--On Monday, January 22, 2007 4:42 PM +1100 Jean-Yves Avenard jyavenard@gmail.com wrote:
Hi
On 1/22/07, Kurt D. Zeilenga Kurt@openldap.org wrote:
You might ask on a list supporting the particular client you are using how to configure this client to secure LDAP with TLS (SSL).
You previous post actually help me identify the issue with this client, and I can get it to work now. The problem was (as you suggested) that even though it was using port 636, it would issue a Start TLS call, which on an SSL connection isn't going to work. I've raised a bug with the supplier on this matter.
Using port 636 (SSL) was an LDAP V2 hack, and was never an officially supported operation. TLS over port 389 is part of the LDAP v3 specifications, and is supported. Vendors doing start TLS are actually being LDAP v3 compliant. Vendors doing SSL over 636 are using an old non-standardized way of doing SSL.

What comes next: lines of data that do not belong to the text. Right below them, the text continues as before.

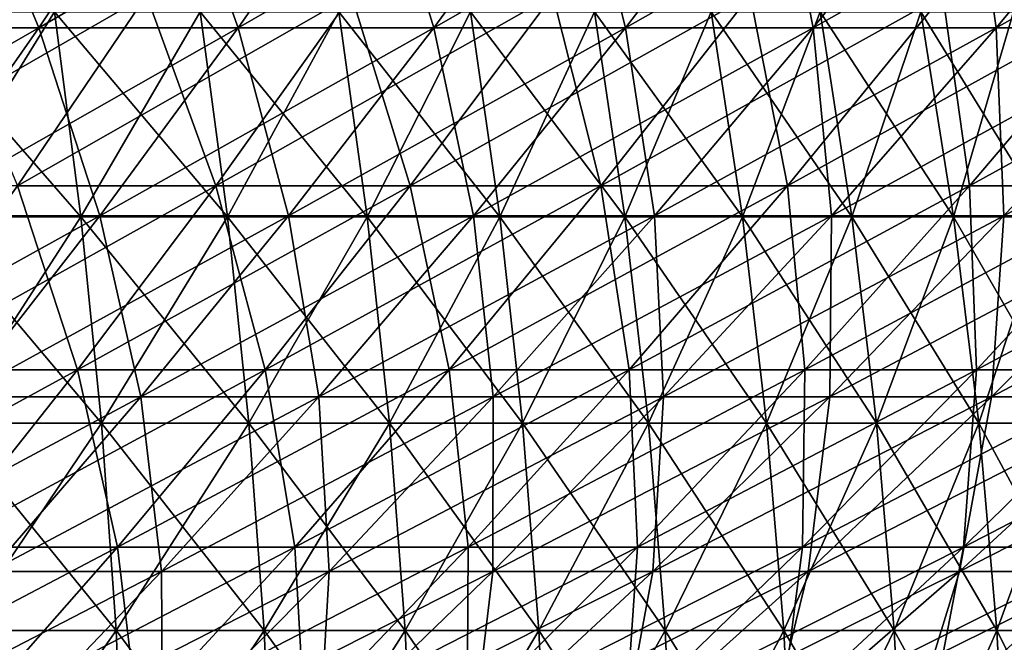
# Model space of a CAD drawing. Header units: millimetres. Extents: x -250 to 250, y 3898 to 4150.
# Tile 423 of 558: x 73 to 92, y 3938 to 3950. Entities that reach past the tile are written whole.
import ezdxf

# ---------------------------------------------------------------- set-up
doc = ezdxf.new("R2010")
doc.units = ezdxf.units.MM
doc.header["$LTSCALE"] = 5.599365
for name, color, linetype in [('10', 7, 'CONTINUOUS'), ('12', 7, 'CONTINUOUS'), ('2', 7, 'CONTINUOUS'), ('3', 7, 'CONTINUOUS'), ('4', 7, 'CONTINUOUS'), ('5', 7, 'CONTINUOUS')]:
    doc.layers.add(name, color=color, linetype=linetype)

msp = doc.modelspace()

# ---------------------------------------------------------------- linework, layer by layer
at = {"layer": '10', "color": 7, "linetype": 'Continuous', "true_color": 0xe0f2ff}
for points in [[(71.194, 3946.373, 72.7), (74.175, 3946.373, 69.655), (70.699, 3950.359, 72.196), (71.194, 3946.373, 72.7)], [(70.699, 3950.359, 72.196), (74.175, 3946.373, 69.655), (73.661, 3950.359, 69.172), (70.699, 3950.359, 72.196)], [(74.175, 3946.373, 69.655), (77.027, 3946.373, 66.488), (73.661, 3950.359, 69.172), (74.175, 3946.373, 69.655)], [(73.661, 3950.359, 69.172), (77.027, 3946.373, 66.488), (76.493, 3950.359, 66.027), (73.661, 3950.359, 69.172)], [(77.027, 3946.373, 66.488), (79.744, 3946.373, 63.204), (76.493, 3950.359, 66.027), (77.027, 3946.373, 66.488)], [(76.493, 3950.359, 66.027), (79.744, 3946.373, 63.204), (79.19, 3950.359, 62.766), (76.493, 3950.359, 66.027)], [(79.744, 3946.373, 63.204), (82.321, 3946.373, 59.809), (79.19, 3950.359, 62.766), (79.744, 3946.373, 63.204)], [(79.19, 3950.359, 62.766), (82.321, 3946.373, 59.809), (81.749, 3950.359, 59.394), (79.19, 3950.359, 62.766)], [(82.321, 3946.373, 59.809), (84.753, 3946.373, 56.31), (81.749, 3950.359, 59.394), (82.321, 3946.373, 59.809)], [(81.749, 3950.359, 59.394), (84.753, 3946.373, 56.31), (84.165, 3950.359, 55.919), (81.749, 3950.359, 59.394)], [(84.753, 3946.373, 56.31), (87.037, 3946.373, 52.711), (84.165, 3950.359, 55.919), (84.753, 3946.373, 56.31)], [(84.165, 3950.359, 55.919), (87.037, 3946.373, 52.711), (86.433, 3950.359, 52.345), (84.165, 3950.359, 55.919)], [(87.037, 3946.373, 52.711), (89.168, 3946.373, 49.02), (86.433, 3950.359, 52.345), (87.037, 3946.373, 52.711)], [(86.433, 3950.359, 52.345), (89.168, 3946.373, 49.02), (88.549, 3950.359, 48.68), (86.433, 3950.359, 52.345)], [(89.168, 3946.373, 49.02), (91.142, 3946.373, 45.243), (88.549, 3950.359, 48.68), (89.168, 3946.373, 49.02)], [(88.549, 3950.359, 48.68), (91.142, 3946.373, 45.243), (90.51, 3950.359, 44.929), (88.549, 3950.359, 48.68)], [(91.142, 3946.373, 45.243), (92.957, 3946.373, 41.387), (90.51, 3950.359, 44.929), (91.142, 3946.373, 45.243)], [(90.51, 3950.359, 44.929), (92.957, 3946.373, 41.387), (92.312, 3950.359, 41.1), (90.51, 3950.359, 44.929)], [(71.578, 3942.362, 73.093), (74.576, 3942.362, 70.031), (71.194, 3946.373, 72.7), (71.578, 3942.362, 73.093)], [(71.194, 3946.373, 72.7), (74.576, 3942.362, 70.031), (74.175, 3946.373, 69.655), (71.194, 3946.373, 72.7)], [(74.576, 3942.362, 70.031), (77.443, 3942.362, 66.847), (74.175, 3946.373, 69.655), (74.576, 3942.362, 70.031)], [(74.175, 3946.373, 69.655), (77.443, 3942.362, 66.847), (77.027, 3946.373, 66.488), (74.175, 3946.373, 69.655)], [(77.443, 3942.362, 66.847), (80.174, 3942.362, 63.545), (77.027, 3946.373, 66.488), (77.443, 3942.362, 66.847)], [(77.027, 3946.373, 66.488), (80.174, 3942.362, 63.545), (79.744, 3946.373, 63.204), (77.027, 3946.373, 66.488)], [(80.174, 3942.362, 63.545), (82.765, 3942.362, 60.132), (79.744, 3946.373, 63.204), (80.174, 3942.362, 63.545)], [(79.744, 3946.373, 63.204), (82.765, 3942.362, 60.132), (82.321, 3946.373, 59.809), (79.744, 3946.373, 63.204)], [(82.765, 3942.362, 60.132), (85.21, 3942.362, 56.614), (82.321, 3946.373, 59.809), (82.765, 3942.362, 60.132)], [(82.321, 3946.373, 59.809), (85.21, 3942.362, 56.614), (84.753, 3946.373, 56.31), (82.321, 3946.373, 59.809)], [(85.21, 3942.362, 56.614), (87.506, 3942.362, 52.996), (84.753, 3946.373, 56.31), (85.21, 3942.362, 56.614)], [(84.753, 3946.373, 56.31), (87.506, 3942.362, 52.996), (87.037, 3946.373, 52.711), (84.753, 3946.373, 56.31)], [(87.506, 3942.362, 52.996), (89.649, 3942.362, 49.285), (87.037, 3946.373, 52.711), (87.506, 3942.362, 52.996)], [(87.037, 3946.373, 52.711), (89.649, 3942.362, 49.285), (89.168, 3946.373, 49.02), (87.037, 3946.373, 52.711)], [(89.649, 3942.362, 49.285), (91.634, 3942.362, 45.488), (89.168, 3946.373, 49.02), (89.649, 3942.362, 49.285)], [(89.168, 3946.373, 49.02), (91.634, 3942.362, 45.488), (91.142, 3946.373, 45.243), (89.168, 3946.373, 49.02)], [(91.634, 3942.362, 45.488), (93.458, 3942.362, 41.61), (91.142, 3946.373, 45.243), (91.634, 3942.362, 45.488)], [(91.142, 3946.373, 45.243), (93.458, 3942.362, 41.61), (92.957, 3946.373, 41.387), (91.142, 3946.373, 45.243)], [(71.851, 3938.332, 73.372), (74.861, 3938.332, 70.299), (71.578, 3942.362, 73.093), (71.851, 3938.332, 73.372)], [(71.578, 3942.362, 73.093), (74.861, 3938.332, 70.299), (74.576, 3942.362, 70.031), (71.578, 3942.362, 73.093)], [(74.861, 3938.332, 70.299), (77.739, 3938.332, 67.102), (74.576, 3942.362, 70.031), (74.861, 3938.332, 70.299)], [(74.576, 3942.362, 70.031), (77.739, 3938.332, 67.102), (77.443, 3942.362, 66.847), (74.576, 3942.362, 70.031)], [(77.739, 3938.332, 67.102), (80.481, 3938.332, 63.788), (77.443, 3942.362, 66.847), (77.739, 3938.332, 67.102)], [(77.443, 3942.362, 66.847), (80.481, 3938.332, 63.788), (80.174, 3942.362, 63.545), (77.443, 3942.362, 66.847)], [(80.481, 3938.332, 63.788), (83.081, 3938.332, 60.362), (80.174, 3942.362, 63.545), (80.481, 3938.332, 63.788)], [(80.174, 3942.362, 63.545), (83.081, 3938.332, 60.362), (82.765, 3942.362, 60.132), (80.174, 3942.362, 63.545)], [(83.081, 3938.332, 60.362), (85.536, 3938.332, 56.83), (82.765, 3942.362, 60.132), (83.081, 3938.332, 60.362)], [(82.765, 3942.362, 60.132), (85.536, 3938.332, 56.83), (85.21, 3942.362, 56.614), (82.765, 3942.362, 60.132)], [(85.536, 3938.332, 56.83), (87.841, 3938.332, 53.198), (85.21, 3942.362, 56.614), (85.536, 3938.332, 56.83)], [(85.21, 3942.362, 56.614), (87.841, 3938.332, 53.198), (87.506, 3942.362, 52.996), (85.21, 3942.362, 56.614)], [(87.841, 3938.332, 53.198), (89.992, 3938.332, 49.473), (87.506, 3942.362, 52.996), (87.841, 3938.332, 53.198)], [(87.506, 3942.362, 52.996), (89.992, 3938.332, 49.473), (89.649, 3942.362, 49.285), (87.506, 3942.362, 52.996)], [(89.992, 3938.332, 49.473), (91.984, 3938.332, 45.661), (89.649, 3942.362, 49.285), (89.992, 3938.332, 49.473)], [(89.649, 3942.362, 49.285), (91.984, 3938.332, 45.661), (91.634, 3942.362, 45.488), (89.649, 3942.362, 49.285)], [(91.984, 3938.332, 45.661), (93.816, 3938.332, 41.769), (91.634, 3942.362, 45.488), (91.984, 3938.332, 45.661)], [(91.634, 3942.362, 45.488), (93.816, 3938.332, 41.769), (93.458, 3942.362, 41.61), (91.634, 3942.362, 45.488)], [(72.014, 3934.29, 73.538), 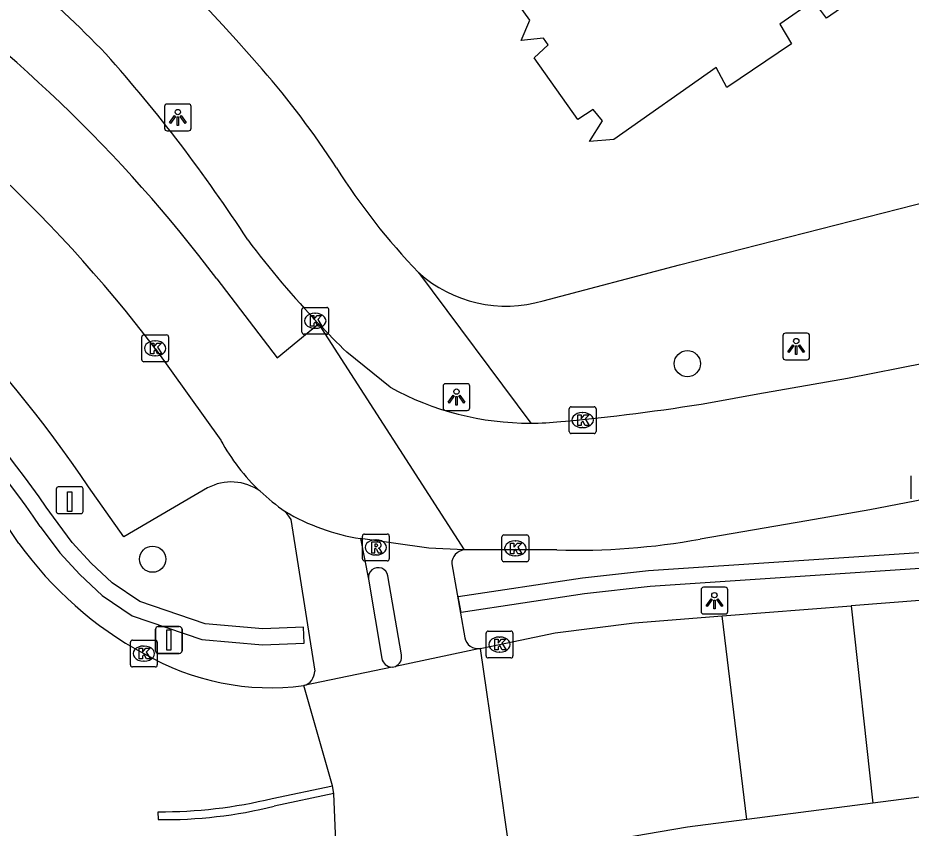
# Model space of a CAD drawing. Extents: x 162542 to 163144, y 380786 to 381511.
# Drawn here: x 162713.73 to 162747.08, y 380814.76 to 380845.02 of the extents above; entities that cross this region are included whole.
import ezdxf

# ---------------------------------------------------------------- set-up
doc = ezdxf.new("R2010")
doc.units = 0
for name, color, linetype in [('IMGEO_Boom', 7, 'Continuous'), ('IMGEO_Fietspad_gesloten', 7, 'Continuous'), ('IMGEO_Haag', 7, 'Continuous'), ('IMGEO_Kolk', 7, 'Continuous'), ('IMGEO_Laadpaal', 7, 'Continuous'), ('IMGEO_Lichtpunt', 7, 'Continuous'), ('IMGEO_Pand', 7, 'Continuous'), ('IMGEO_Parkeervlak_open', 7, 'Continuous'), ('IMGEO_Rijbaan_lokaal_gesloten', 7, 'Continuous'), ('IMGEO_Rijbaan_lokaal_open', 7, 'Continuous'), ('IMGEO_Rijbaan_regionaal_gesloten', 7, 'Continuous'), ('IMGEO_Rioolput', 7, 'Continuous'), ('IMGEO_Verkeersbordpaal', 7, 'Continuous'), ('IMGEO_Voetpad_open', 7, 'Continuous')]:
    doc.layers.add(name, color=color, linetype=linetype)

msp = doc.modelspace()

# ---------------------------------------------------------------- linework, layer by layer
at = {"layer": 'IMGEO_Boom'}
for centre in [(162738.725, 380832.106), (162718.758, 380824.805)]:
    msp.add_circle(centre, 0.489, dxfattribs=at)
at = {"layer": 'IMGEO_Fietspad_gesloten'}
for points in [[(162723.707, 380826.588), (162723.913, 380826.289), (162724.81, 380820.627)], [(162726.518, 380825.574), (162726.818, 380824.059)], [(162726.818, 380824.059), (162727.315, 380821.102)]]:
    msp.add_lwpolyline(points, dxfattribs=at)
for centre, radius, start, end in [((162683.391, 380811.215), 46.731, 43.993, 54.6917), ((162675.076, 380806.188), 56.246, 32.8852, 41.7938), ((162751.651, 380858.864), 36.756, 217.0332, 223.4231), ((162727.696, 380821.163), 0.386, 189.085, 270.1337), ((162724.259, 380820.618), 0.551, 284.7381, 0.9156)]:
    msp.add_arc(centre, radius, start, end, dxfattribs=at)
at = {"layer": 'IMGEO_Haag'}
for points in [[(162714.561, 380826.029), (162715.294, 380825.041), (162716.039, 380824.235), (162716.874, 380823.448), (162717.997, 380822.687), (162720.6, 380821.803), (162722.866, 380821.607), (162724.415, 380821.667), (162724.392, 380822.266), (162722.867, 380822.207), (162720.723, 380822.393), (162718.274, 380823.225), (162717.251, 380823.918), (162716.465, 380824.657), (162715.757, 380825.425), (162715.055, 380826.371)], [(162758.123, 380824.746), (162752.204, 380824.662), (162747.978, 380824.496), (162737.331, 380823.787), (162734.883, 380823.517), (162730.278, 380822.817), (162730.173, 380823.408), (162734.805, 380824.112), (162737.278, 380824.385), (162747.946, 380825.095), (162752.188, 380825.262), (162758.114, 380825.346), (162758.123, 380824.746)]]:
    msp.add_lwpolyline(points, dxfattribs=at)
for centre, radius, start, end in [((162670.956, 380795.852), 53.629, 34.6855, 66.2748), ((162670.975, 380795.876), 53, 34.6757, 66.2844)]:
    msp.add_arc(centre, radius, start, end, dxfattribs=at)
at = {"layer": 'IMGEO_Kolk'}
for p, q in [((162724.33, 380833.28), (162724.33, 380834.132)), ((162724.405, 380834.206), (162725.257, 380834.206)), ((162724.818, 380833.986), (162724.843, 380833.986)), ((162725.331, 380834.132), (162725.331, 380833.28)), ((162724.841, 380833.426), (162724.816, 380833.426)), ((162718.353, 380832.251), (162718.353, 380833.103)), ((162718.428, 380833.177), (162719.28, 380833.177)), ((162718.841, 380832.957), (162718.866, 380832.957)), ((162719.354, 380833.103), (162719.354, 380832.251)), ((162725.257, 380833.206), (162724.405, 380833.206)), ((162718.864, 380832.397), (162718.839, 380832.397)), ((162719.28, 380832.177), (162718.428, 380832.177)), ((162734.315, 380829.571), (162734.315, 380830.423)), ((162734.39, 380830.497), (162735.242, 380830.497)), ((162734.803, 380830.277), (162734.828, 380830.277)), ((162735.316, 380830.423), (162735.316, 380829.571)), ((162734.826, 380829.717), (162734.801, 380829.717)), ((162735.242, 380829.497), (162734.39, 380829.497)), ((162747.081, 380827.063), (162747.081, 380827.915)), ((162731.803, 380824.783), (162731.803, 380825.635)), ((162731.878, 380825.709), (162732.73, 380825.709)), ((162732.804, 380825.635), (162732.804, 380824.783)), ((162732.291, 380825.489), (162732.316, 380825.489)), ((162732.314, 380824.929), (162732.289, 380824.929)), ((162732.73, 380824.709), (162731.878, 380824.709)), ((162731.211, 380821.192), (162731.211, 380822.044)), ((162731.286, 380822.118), (162732.138, 380822.118)), ((162731.699, 380821.898), (162731.724, 380821.898)), ((162732.212, 380822.044), (162732.212, 380821.192)), ((162717.93, 380820.855), (162717.93, 380821.707)), ((162718.005, 380821.781), (162718.857, 380821.781)), ((162718.418, 380821.561), (162718.443, 380821.561)), ((162718.931, 380821.707), (162718.931, 380820.855)), ((162731.722, 380821.338), (162731.697, 380821.338)), ((162718.441, 380821.001), (162718.416, 380821.001)), ((162732.138, 380821.118), (162731.286, 380821.118)), ((162718.857, 380820.781), (162718.005, 380820.781))]:
    msp.add_line(p, q, dxfattribs=at)
for points in [[(162724.33, 380833.28), (162724.33, 380834.132)], [(162724.405, 380834.206), (162725.257, 380834.206)], [(162724.651, 380833.906), (162724.774, 380833.906), (162724.774, 380833.755), (162724.904, 380833.906), (162725.068, 380833.906), (162724.922, 380833.755), (162725.075, 380833.506), (162724.923, 380833.506), (162724.838, 380833.67), (162724.774, 380833.603), (162724.774, 380833.506), (162724.651, 380833.506), (162724.651, 380833.906)], [(162725.331, 380834.132), (162725.331, 380833.28)], [(162718.353, 380832.251), (162718.353, 380833.103)], [(162718.428, 380833.177), (162719.28, 380833.177)], [(162719.354, 380833.103), (162719.354, 380832.251)], [(162725.257, 380833.206), (162724.405, 380833.206)], [(162718.674, 380832.877), (162718.797, 380832.877), (162718.797, 380832.726), (162718.927, 380832.877), (162719.091, 380832.877), (162718.945, 380832.726), (162719.098, 380832.477), (162718.946, 380832.477), (162718.861, 380832.641), (162718.797, 380832.574), (162718.797, 380832.477), (162718.674, 380832.477), (162718.674, 380832.877)], [(162719.28, 380832.177), (162718.428, 380832.177)], [(162734.315, 380829.571), (162734.315, 380830.423)], [(162734.39, 380830.497), (162735.242, 380830.497)], [(162735.316, 380830.423), (162735.316, 380829.571)], [(162734.636, 380830.197), (162734.759, 380830.197), (162734.759, 380830.046), (162734.889, 380830.197), (162735.053, 380830.197), (162734.907, 380830.046), (162735.06, 380829.797), (162734.908, 380829.797), (162734.823, 380829.961), (162734.759, 380829.894), (162734.759, 380829.797), (162734.636, 380829.797), (162734.636, 380830.197)], [(162735.242, 380829.497), (162734.39, 380829.497)], [(162747.081, 380827.063), (162747.081, 380827.915)], [(162731.803, 380824.783), (162731.803, 380825.635)], [(162731.878, 380825.709), (162732.73, 380825.709)], [(162732.804, 380825.635), (162732.804, 380824.783)], [(162732.124, 380825.409), (162732.247, 380825.409), (162732.247, 380825.258), (162732.377, 380825.409), (162732.541, 380825.409), (162732.395, 380825.258), (162732.548, 380825.009), (162732.396, 380825.009), (162732.311, 380825.173), (162732.247, 380825.106), (162732.247, 380825.009), (162732.124, 380825.009), (162732.124, 380825.409)], [(162732.73, 380824.709), (162731.878, 380824.709)], [(162731.211, 380821.192), (162731.211, 380822.044)], [(162731.286, 380822.118), (162732.138, 380822.118)], [(162732.212, 380822.044), (162732.212, 380821.192)], [(162717.93, 380820.855), (162717.93, 380821.707)], [(162718.005, 380821.781), (162718.857, 380821.781)], [(162718.931, 380821.707), (162718.931, 380820.855)], [(162731.532, 380821.818), (162731.655, 380821.818), (162731.655, 380821.667), (162731.785, 380821.818), (162731.949, 380821.818), (162731.803, 380821.667), (162731.956, 380821.418), (162731.804, 380821.418), (162731.719, 380821.582), (162731.655, 380821.515), (162731.655, 380821.418), (162731.532, 380821.418), (162731.532, 380821.818)], [(162718.251, 380821.481), (162718.374, 380821.481), (162718.374, 380821.33), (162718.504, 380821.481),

As noted by Kurt, you can force connections to use encryption, using the "security" statement. I'm not quite sure why you aren't figuring this out via the slapd.conf man page, it is pretty clear:
security <factors> Specify a set of security strength factors (separated by white space) to require (see sasl-secprops's minssf option for a description of security strength factors). The directive may be specified globally and/or per- database. ssf=<n> specifies the overall security strength factor. transport=<n> specifies the transport security strength factor. tls=<n> specifies the TLS security strength factor. sasl=<n> specifies the SASL security strength factor. update_ssf=<n> specifies the overall security strength factor to require for directory updates. update_transport=<n> specifies the transport security strength factor to require for directory updates. update_tls=<n> specifies the TLS security strength factor to require for directory updates. update_sasl=<n> specifies the SASL security strength factor to require for directory updates. simple_bind=<n> specifies the security strength factor required for simple username/password authentication. Note that the transport factor is measure of security provided by the underlying transport, e.g. ldapi:// (and eventually IPSEC). It is not normally used.